Delving deeper into the streets and alleys, it becomes apparent that, despite its industrial-strength reputation, its short-term claim to fame of having the world’s tallest skyscraper, and the constant political menacing that emanates from across the Taiwan Strait, this is a place where an old spirituality lives on with gusto.

On first impressions, I was struck by the friendliness and patience of the mainly Mandarin-speaking locals in dealing with a monolingual westerner. Impressive too was the highly civilised manner in which they went about their daily lives in a town bustling on overdrive with cars and scooters.

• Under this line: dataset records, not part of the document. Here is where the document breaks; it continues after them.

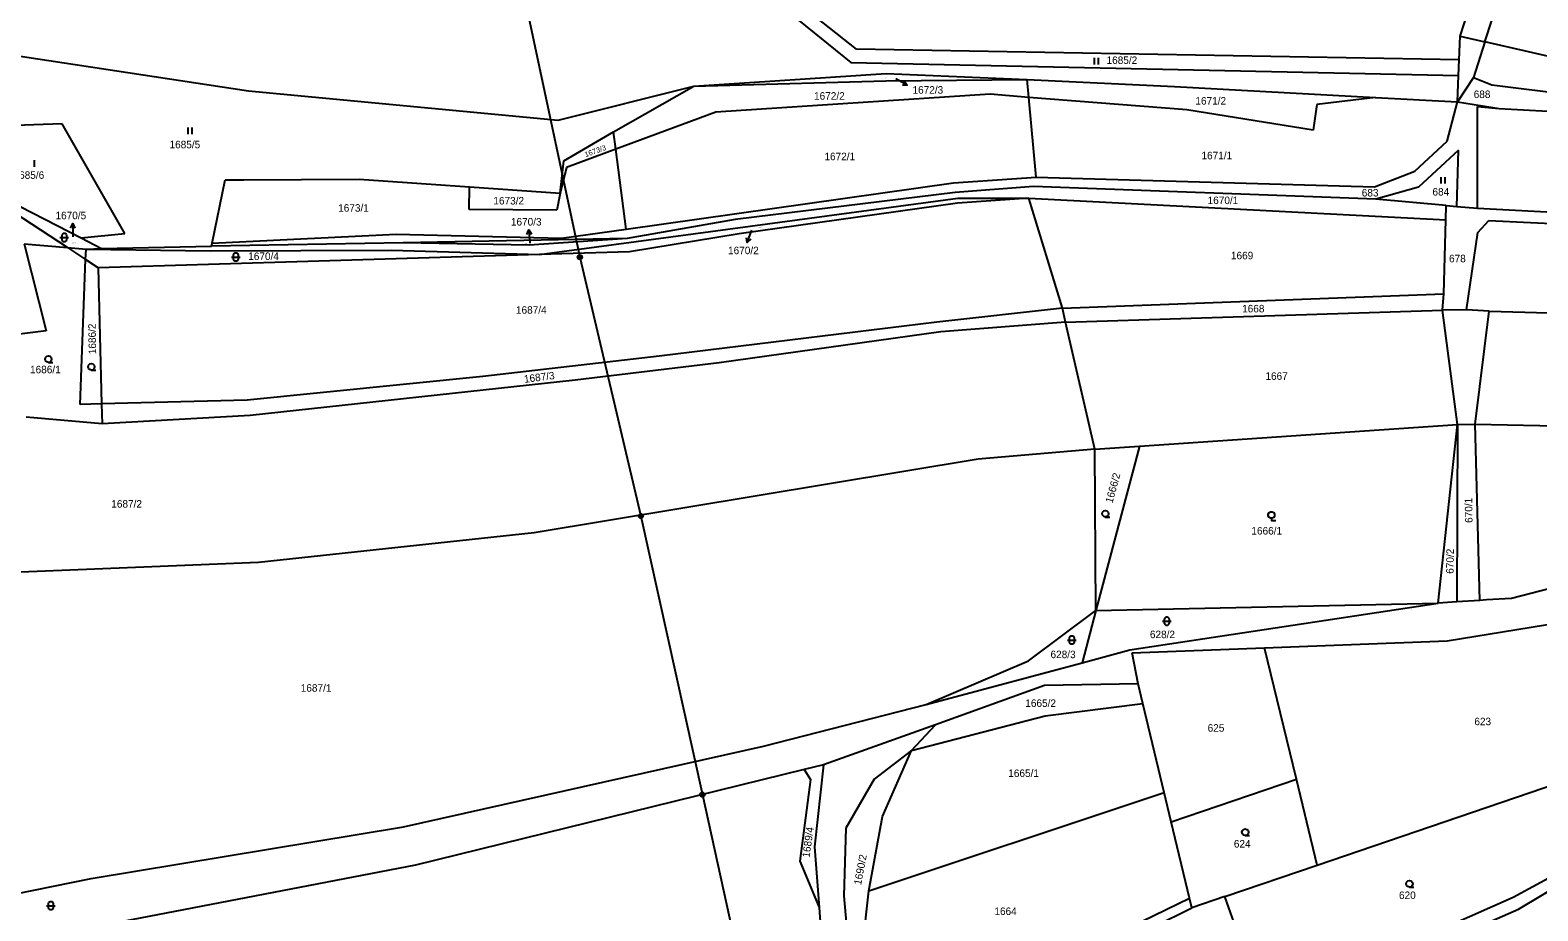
# Model space of a CAD drawing. Extents: x -609861 to -605046, y -1120287 to -1116307.
# Drawn here: x -607842.1 to -607500.4, y -1119513.1 to -1119313.6 of the extents above; entities that cross this region are included whole.
import ezdxf

# ---------------------------------------------------------------- set-up
doc = ezdxf.new("R2010")
doc.units = 0
for name, color, linetype in [('Vrstva 1', 7, 'Continuous'), ('Vrstva 2', 7, 'Continuous'), ('Vrstva 3', 7, 'Continuous'), ('Vrstva 4', 7, 'Continuous'), ('Vrstva 6', 7, 'Continuous'), ('Vrstva 7', 7, 'Continuous')]:
    doc.layers.add(name, color=color, linetype=linetype)

msp = doc.modelspace()

# ---------------------------------------------------------------- linework, layer by layer
at = {"layer": 'Vrstva 1'}
for p, q in [((-607654.83, -1119317.94), (-607684.62, -1119294.06)), ((-607685.58, -1119297.07), (-607656.11, -1119320.92)), ((-607518.01, -1119315.01), (-607514.52, -1119304.17)), ((-607512.42, -1119316.29), (-607508.1, -1119302.87)), ((-607870.82, -1119315.44), (-607792.58, -1119327.38)), ((-607518.24, -1119320.31), (-607518.01, -1119315.01)), ((-607518.01, -1119315.01), (-607512.42, -1119316.29)), ((-607512.42, -1119316.29), (-607515.01, -1119324.35)), ((-607470.96, -1119325.8), (-607512.42, -1119316.29)), ((-607518.24, -1119320.31), (-607654.83, -1119317.94)), ((-607656.11, -1119320.92), (-607518.39, -1119323.88)), ((-607518.39, -1119323.88), (-607518.24, -1119320.31)), ((-607722.43, -1119334), (-607691.67, -1119326.28)), ((-607709.88, -1119336.63), (-607691.67, -1119326.28)), ((-607691.67, -1119326.28), (-607648.12, -1119323.46)), ((-607691.67, -1119326.28), (-607648.15, -1119325.08)), ((-607648.15, -1119325.08), (-607616.1, -1119324.8)), ((-607648.12, -1119323.46), (-607616.1, -1119324.8)), ((-607615.74, -1119328.84), (-607616.1, -1119324.8)), ((-607616.1, -1119324.8), (-607582.77, -1119326.34)), ((-607582.77, -1119326.34), (-607537.24, -1119328.84)), ((-607518.65, -1119329.86), (-607518.39, -1119323.88)), ((-607515.01, -1119324.35), (-607510.86, -1119325.97)), ((-607510.86, -1119325.97), (-607471.83, -1119330.96)), ((-607792.58, -1119327.38), (-607722.43, -1119334)), ((-607624.5, -1119328.14), (-607686.67, -1119332.21)), ((-607615.74, -1119328.84), (-607624.5, -1119328.14)), ((-607614.13, -1119346.9), (-607615.74, -1119328.84)), ((-607579.93, -1119331.7), (-607615.74, -1119328.84)), ((-607537.24, -1119328.84), (-607550.49, -1119330.43)), ((-607537.24, -1119328.84), (-607518.65, -1119329.86)), ((-607520.94, -1119338.78), (-607518.65, -1119329.86)), ((-607518.65, -1119329.86), (-607509.15, -1119331.37)), ((-607686.67, -1119332.21), (-607709.37, -1119340.58)), ((-607551.32, -1119336.29), (-607579.93, -1119331.7)), ((-607550.49, -1119330.43), (-607551.32, -1119336.29)), ((-607514.13, -1119353.94), (-607514.07, -1119330.87)), ((-607514.07, -1119330.87), (-607509.15, -1119331.37)), ((-607509.15, -1119331.37), (-607477.62, -1119333.02)), ((-607834.78, -1119334.81), (-607861.82, -1119335.8)), ((-607820.61, -1119359.64), (-607834.78, -1119334.81)), ((-607721.1, -1119343.18), (-607709.88, -1119336.63)), ((-607709.37, -1119340.58), (-607709.88, -1119336.63)), ((-607528.29, -1119345.56), (-607520.94, -1119338.78)), ((-607721.93, -1119350.51), (-607721.1, -1119343.18)), ((-607709.37, -1119340.58), (-607720.51, -1119344.69)), ((-607707.02, -1119358.66), (-607709.37, -1119340.58)), ((-607518.43, -1119340.81), (-607527.43, -1119349.19)), ((-607518.75, -1119353.58), (-607518.43, -1119340.81)), ((-607860.62, -1119345.14), (-607830.5, -1119360.68)), ((-607833.57, -1119362.87), (-607860.62, -1119345.14)), ((-607720.51, -1119344.69), (-607721.93, -1119350.51)), ((-607632.81, -1119348.22), (-607614.13, -1119346.9)), ((-607614.13, -1119346.9), (-607537.45, -1119349.09)), ((-607537.45, -1119349.09), (-607528.29, -1119345.56)), ((-607800.81, -1119361.9), (-607797.89, -1119347.5)), ((-607797.89, -1119347.5), (-607793.64, -1119347.48)), ((-607793.64, -1119347.48), (-607767.52, -1119347.33)), ((-607767.52, -1119347.33), (-607742.51, -1119349.07)), ((-607742.61, -1119354.25), (-607742.51, -1119349.07)), ((-607742.51, -1119349.07), (-607721.93, -1119350.51)), ((-607721.93, -1119350.51), (-607722.71, -1119354.37)), ((-607707.02, -1119358.66), (-607632.81, -1119348.22)), ((-607632.45, -1119350.41), (-607682.31, -1119356.52)), ((-607614.72, -1119349.02), (-607632.45, -1119350.41)), ((-607537.16, -1119351.93), (-607614.72, -1119349.02)), ((-607527.43, -1119349.19), (-607537.16, -1119351.93)), ((-607631.92, -1119352.84), (-607681.41, -1119359.74)), ((-607674.95, -1119357.49), (-607631.87, -1119351.68)), ((-607615.79, -1119351.66), (-607631.92, -1119352.84)), ((-607631.87, -1119351.68), (-607615.79, -1119351.66)), ((-607608.14, -1119376.59), (-607615.79, -1119351.66)), ((-607615.79, -1119351.66), (-607521.26, -1119356.56)), ((-607521.17, -1119353.36), (-607537.16, -1119351.93)), ((-607521.26, -1119356.56), (-607521.17, -1119353.36)), ((-607521.17, -1119353.36), (-607518.75, -1119353.58)), ((-607518.75, -1119353.58), (-607514.13, -1119353.94)), ((-607514.13, -1119353.94), (-607470.27, -1119356.17)), ((-607722.71, -1119354.37), (-607742.61, -1119354.25)), ((-607726.67, -1119364.41), (-607674.95, -1119357.49)), ((-607682.31, -1119356.52), (-607706.76, -1119360.81)), ((-607521.71, -1119373.33), (-607521.26, -1119356.56)), ((-607514.02, -1119359.44), (-607511.49, -1119356.76)), ((-607511.49, -1119356.76), (-607470.26, -1119358.6)), ((-607830.5, -1119360.68), (-607820.61, -1119359.64)), ((-607830.5, -1119360.68), (-607825.9, -1119363.05)), ((-607800.81, -1119361.9), (-607759.13, -1119359.84)), ((-607759.13, -1119359.84), (-607721.67, -1119360.71)), ((-607706.76, -1119360.81), (-607757.55, -1119361.76)), ((-607706.76, -1119360.81), (-607729, -1119362.34)), ((-607721.67, -1119360.71), (-607707.02, -1119358.66)), ((-607681.41, -1119359.74), (-607706.22, -1119363.79)), ((-607516.55, -1119376.93), (-607514.02, -1119359.44)), ((-607843.37, -1119362.03), (-607838.43, -1119381.69)), ((-607843.37, -1119362.03), (-607833.57, -1119362.87)), ((-607833.57, -1119362.87), (-607829.39, -1119363.23)), ((-607829.48, -1119365.56), (-607829.39, -1119363.23)), ((-607829.39, -1119363.23), (-607825.9, -1119363.05)), ((-607829.39, -1119363.23), (-607801.28, -1119363.6)), ((-607825.9, -1119363.05), (-607800.95, -1119362.58)), ((-607801.28, -1119363.6), (-607760.19, -1119363.45)), ((-607757.55, -1119361.76), (-607800.95, -1119362.58)), ((-607800.95, -1119362.58), (-607800.81, -1119361.9)), ((-607760.19, -1119363.45), (-607726.67, -1119364.41)), ((-607729, -1119362.34), (-607757.55, -1119361.76)), ((-607706.22, -1119363.79), (-607726.67, -1119364.41)), ((-607830.68, -1119398.39), (-607829.48, -1119365.56)), ((-607826.62, -1119367.43), (-607829.48, -1119365.56)), ((-607726.67, -1119364.41), (-607826.62, -1119367.43)), ((-607826.62, -1119367.43), (-607825.88, -1119398.26)), ((-607608.14, -1119376.59), (-607521.71, -1119373.33)), ((-607522, -1119377.04), (-607521.71, -1119373.33)), ((-607608.14, -1119376.59), (-607636.64, -1119379.72)), ((-607607.45, -1119379.72), (-607608.14, -1119376.59)), ((-607607.45, -1119379.72), (-607522, -1119377.04)), ((-607516.55, -1119376.93), (-607522, -1119377.04)), ((-607511.48, -1119377.28), (-607516.55, -1119376.93)), ((-607514.62, -1119402.89), (-607511.48, -1119377.28)), ((-607511.48, -1119377.28), (-607468.99, -1119378.51)), ((-607636.64, -1119379.72), (-607699.53, -1119387.46)), ((-607607.45, -1119379.72), (-607635.72, -1119381.98)), ((-607600.78, -1119408.49), (-607607.45, -1119379.72)), ((-607838.43, -1119381.69), (-607848.73, -1119382.98)), ((-607635.72, -1119381.98), (-607685.94, -1119388.94)), ((-607699.53, -1119387.46), (-607739.45, -1119392.03)), ((-607685.94, -1119388.94), (-607718.57, -1119392.91)), ((-607739.45, -1119392.03), (-607792.9, -1119397.4)), ((-607718.57, -1119392.91), (-607792.19, -1119400.86)), ((-607825.88, -1119398.26), (-607830.68, -1119398.39)), ((-607792.9, -1119397.4), (-607825.88, -1119398.26)), ((-607825.88, -1119398.26), (-607825.77, -1119402.78)), ((-607825.77, -1119402.78), (-607842.98, -1119401.3)), ((-607792.19, -1119400.86), (-607825.77, -1119402.78)), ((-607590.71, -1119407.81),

This orderly modus operandi has been aided by the introduction of the MRT train system, which makes getting about the city not just easy, but quite pleasant.

When it comes to eating in Taipei, it’s hard to go past the traditional hotpot; numerous eateries along suburban high streets invite you to pull up a stool at a bar, where a pot of boiling broth will be promptly delivered to the gas burner in front of you, followed by a plate of gastronomical delights to dip, cook and savour.

And then there’s the spiritual. A walk in the park - or through one of the narrow belts of rainforest that snake their way through the city’s hills – will often be punctuated by the sight of older locals practising their chi-enhancing exercises. The rainforest strips are also dotted with Taoist temples and ornately decorated tombstones. Temples – and I don’t just mean the big impressive ones scattered throughout the centre of town – can also be found in the most seemingly unlikely of suburban alleys.

And, though Taiwan is often associated with a vague but lingering military threat from China (which can often saturate the front pages of the nation’s press), the island remains calm, many locals dealing with the issue by taking an ostensibly nonchalant approach.

The Chinese weren't a big part of the Taiwanese population until a few hundred years ago - the original inhabitants of Taiwan hailed from the same origins as the Maori and Polynesian peoples. This indigenous culture remains preserved in Taipei through museums. But the strong Chinese influence means you can enjoy many of the mainland’s cultural highlights.